→ **Instructions for the task**
Could you transcribe every record below exactly as written, excluding the pictures?

→ **Supplied records**
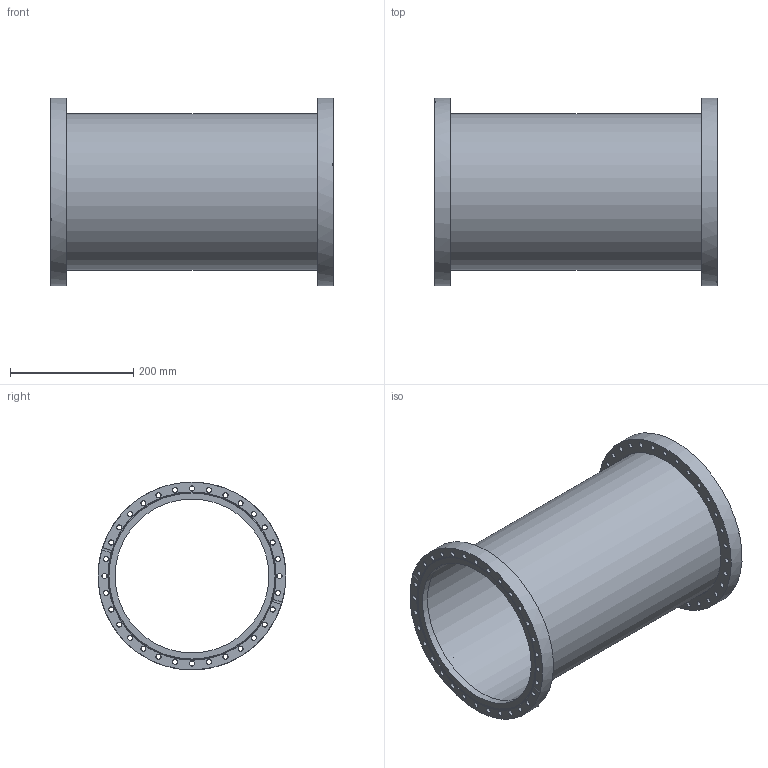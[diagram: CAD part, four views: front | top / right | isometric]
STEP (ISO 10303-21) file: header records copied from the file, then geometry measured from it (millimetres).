
FILE_DESCRIPTION( ( 'Unknown' ), '1' );
FILE_NAME( 'X:/Daten ( aktueller Bestand )/Projekte und Zeichnungen/Solid Edge/STP-Dateien/CF-Teile/7177R.stp', 'Unknown', ( 'Unknown' ), ( 'Unknown' ), 'PSStep 14.0', 'Unknown', ' ' );
FILE_SCHEMA( ( 'AUTOMOTIVE_DESIGN { 1 0 10303 214 1 1 1 1 }' ) );
Length unit declared in the file: millimetre
Products named in the file (6): 7517RG; 7517R-2; 7517RG-1; Assem1; 7517F; 7177F-1
Assembly tree (5 placements, depth 3):
  Assem1
    7517F
    7177F-1
    7517RG
      7517R-2
      7517RG-1
Bounding box: 458 x 305 x 305 mm (x, y, z)
Volume: 1719217.8 mm3; surface area: 949369.6 mm2
Topology: 4 solids, 4 shells, 98 faces, 324 edges, 236 vertices
Faces by surface type: cylinder 80, plane 14, cone 4
Full cylindrical faces by diameter (mm): 8 x32, 8.4 x32, 250 x3, 254 x1, 254.5 x1, 256.5 x1, 257 x1, 273 x2, 273.2 x1, 305 x2
Entity records: 3982 total; most frequent: CARTESIAN_POINT 585, DIRECTION 538, ORIENTED_EDGE 352, EDGE_LOOP 316, AXIS2_PLACEMENT_3D 265, EDGE_CURVE 176, FACE_OUTER_BOUND 174, VERTEX_POINT 168

→ **Your solution**
[diagram: CAD part, four views: front | top / right | isometric]
STEP (ISO 10303-21) file: header records copied from the file, then geometry measured from it (millimetres).
FILE_DESCRIPTION( ( 'Unknown' ), '1' );
FILE_NAME( 'X:/Daten ( aktueller Bestand )/Projekte und Zeichnungen/Solid Edge/STP-Dateien/CF-Teile/7177R.stp', 'Unknown', ( 'Unknown' ), ( 'Unknown' ), 'PSStep 14.0', 'Unknown', ' ' );
FILE_SCHEMA( ( 'AUTOMOTIVE_DESIGN { 1 0 10303 214 1 1 1 1 }' ) );
Length unit declared in the file: millimetre
Products named in the file (6): 7517RG; 7517R-2; 7517RG-1; Assem1; 7517F; 7177F-1
Assembly tree (5 placements, depth 3):
  Assem1
    7517F
    7177F-1
    7517RG
      7517R-2
      7517RG-1
Bounding box: 458 x 305 x 305 mm (x, y, z)
Volume: 1719217.8 mm3; surface area: 949369.6 mm2
Topology: 4 solids, 4 shells, 98 faces, 324 edges, 236 vertices
Faces by surface type: cylinder 80, plane 14, cone 4
Full cylindrical faces by diameter (mm): 8 x32, 8.4 x32, 250 x3, 254 x1, 254.5 x1, 256.5 x1, 257 x1, 273 x2, 273.2 x1, 305 x2
Entity records: 3982 total; most frequent: CARTESIAN_POINT 585, DIRECTION 538, ORIENTED_EDGE 352, EDGE_LOOP 316, AXIS2_PLACEMENT_3D 265, EDGE_CURVE 176, FACE_OUTER_BOUND 174, VERTEX_POINT 168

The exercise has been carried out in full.